C-reactive protein (CRP) is a member of the pentraxin family of proteins and an acute phase reactant. CRP modulates the response to inflammatory stimuli including LPS and C5a. We recently demonstrated that CRP prevents and reverses proteinuria in accelerated nephrotoxic nephritis (NTN). NTN is a model of active inflammatory immune complex-mediated nephritis induced by injection of antiglomerular basement membrane. CRP treatment prevented the induction of NTN in C57BL/6 (B6) mice, increased survival, and reversed ongoing nephritis. Protection was associated with a decrease in IL-1β and chemokines in the kidney and peritoneal cells as measured by quantitative RT-PCR. However, IL-10−/− mice were not protected by CRP either when given before disease onset or when disease activity was maximal. FcγRI−/− mice developed NTN, but were only transiently protected by CRP treatment. This transient protection was abrogated by cobra venom factor depletion of complement from FcγRI−/− mice. However, complement depletion did not prevent CRP-mediated protection in B6 mice, and CRP was protective in C3−/− mice. The role of macrophages in the protection provided by CRP was tested by treating B6 mice with liposomes containing clodronate.
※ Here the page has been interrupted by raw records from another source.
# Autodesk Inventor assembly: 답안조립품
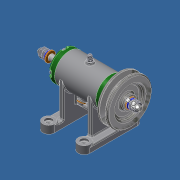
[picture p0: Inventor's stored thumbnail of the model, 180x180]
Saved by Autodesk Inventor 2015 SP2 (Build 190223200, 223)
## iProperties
Created: 2015-11
Part Number: 답안조립품
Document SubType Name: Assembly
Designer: AMC
Author: AMC
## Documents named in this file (15)
- C:\Users\AMC\Desktop\451109V1029\답안조립품.iam
- C:\Users\AMC\Desktop\451109V1029\본체.ipt
- C:\Users\AMC\Desktop\451109V1029\축.ipt
- C:\Users\AMC\Desktop\451109V1029\베어링 15 x 32 x 9.ipt
- C:\Users\AMC\Desktop\451109V1029\커버.ipt
- C:\Users\AMC\Desktop\451109V1029\오일 실 15 25 7.ipt
- C:\Users\AMC\Desktop\451109V1029\키 3 x 3 x 12.ipt
- C:\Users\AMC\Desktop\451109V1029\V벨트풀리.ipt
- C:\Users\AMC\Desktop\451109V1029\스퍼기어.ipt
- C:\Users\AMC\Desktop\451109V1029\와셔 8x17.ipt
- C:\Users\AMC\Desktop\451109V1029\스프링와셔 8.ipt
- C:\Users\AMC\Desktop\451109V1029\너트 M 8.ipt
- C:\Users\AMC\Desktop\451109V1029\볼트 M4 x 12.ipt
- C:\Users\AMC\Desktop\451109V1029\니플 M 6 x 0.75.ipt
- C:\Users\AMC\Desktop\451109V1029\와셔 6x11.5.ipt
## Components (12 placed, 3 different names)
1. KS B 2023 6002 - 15 x 32 x 9:1
2. KS B 2023 6002 - 15 x 32 x 9:2
3. V벨트풀리:1 — 각도:3
4. ISO 4762 M4 x 12:5
5. ISO 4762 M4 x 12:6
6. ISO 4762 M4 x 12:7
7. ISO 4762 M4 x 12:8
8. ISO 4762 M4 x 12:9
9. ISO 4762 M4 x 12:1
10. ISO 4762 M4 x 12:2
11. ISO 4762 M4 x 12:3
12. ISO 4762 M4 x 12:4
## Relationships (1: Angle 1)
- 각도:3 [Angle]: V벨트풀리:1
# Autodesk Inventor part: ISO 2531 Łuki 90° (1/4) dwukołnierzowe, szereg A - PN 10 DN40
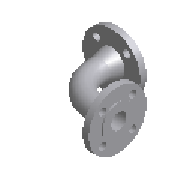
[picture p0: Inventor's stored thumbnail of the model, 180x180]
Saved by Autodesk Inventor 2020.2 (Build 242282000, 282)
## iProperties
Manager: www.cadconsulting.pl
Company: Fabian Stasiak CAD Consulting
NAME: PIPING: ISO 2531 90 Deg Double Flanged Bend - PN 10
DATA: <meta><inlinegroups number="0" deflen="0"></inlinegroups><connections number="2"></connections><angles><a>1.5707963267949</a></angles></meta>
IsCustomPart: 0
Created: 2014-02
Part Number: ISO 2531 Łuki 90° (1/4) dwukołnierzowe, szereg A - PN 10 DN40
Material: Żeliwo sferoidalne
Description: Rury, łączniki, akcesoria z żeliwa sferoidalnego i ich złącza do zastosowań w instalacjach wodnych lub gazowych - Łuki 90° (1/4) dwukołnierzowe - PN 10
Document SubType Name: Modeling
Standard: ISO 2531
Designer: F.Stasiak
Standard Revision: Fifth edition 1998-08-15
Standards Organization: ISO
Language: pl-PL
Size Designation: DN40
Categories: <MemberInstance><Categories><Category DisplayName="Rury cienko- i grubościenne" InternalName="4347fa0f-2144-441d-94cd-e3e15c92b736" Mnemonic="TUBEANDPIPE"><Cate
Density: 7.15 g/cm^3
Appearance: Ciemnoszary
Catalog Web Link: www.expertbooks.pl
Author: F.Stasiak
Subject: Zbiór ćwiczeń. Autodesk Inventor 2020. Kurs Professional
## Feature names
1. Revolution1
2. Sweep1
3. Revolution2
4. Extrusion1
5. Circular Pattern1
6. Extrusion2
7. Circular Pattern2
## Parameters: L2 = 19 mm, f1 = 3 mm, d11 = 84 mm, e = 7 mm, C7 = 19 mm, d2 = 7 mm, d3 = 84 mm, d4 = 3 mm, d5 = 15 deg, d15 = 90 deg, d9 = 7 mm, d10 = 3 mm, d13 = 84 mm, d18 = 7 mm, d19 = 0, d27 = 90 deg, d21 = 16 mm, d22 = 0, d24 = 360 deg, d26 = 16 mm, d28 = 0, d30 = 360 deg, d31 = 19 mm, d32 = 19 mm, d34 = 19 mm, d35 = 45 deg, d36 = 45 deg, d37 = 19 mm, d48 = 0, Size_Designation = 12.345 mm
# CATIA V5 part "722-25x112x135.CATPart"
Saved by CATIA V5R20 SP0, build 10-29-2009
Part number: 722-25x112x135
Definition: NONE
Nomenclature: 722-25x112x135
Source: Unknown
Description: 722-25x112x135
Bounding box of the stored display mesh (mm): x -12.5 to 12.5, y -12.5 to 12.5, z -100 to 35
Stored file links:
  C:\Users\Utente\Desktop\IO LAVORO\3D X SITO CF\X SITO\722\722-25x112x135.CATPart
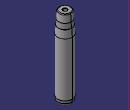
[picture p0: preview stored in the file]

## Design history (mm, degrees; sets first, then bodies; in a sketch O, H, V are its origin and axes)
Body1 "722-25x112x135" (main body)
  Solid1: solid without history

Clodronate-containing liposomes deplete mice of splenic and hepatic macrophages for 5–7 days. Pretreatment of NTN mice with clodronate but not control liposomes completely prevented CRP-mediated protection. These studies suggest that CRP mediates protection from NTN through the induction of IL-10 and that macrophages are required. In addition, FcγRI plays an important role but is not the sole mediator of CRP-mediated protection.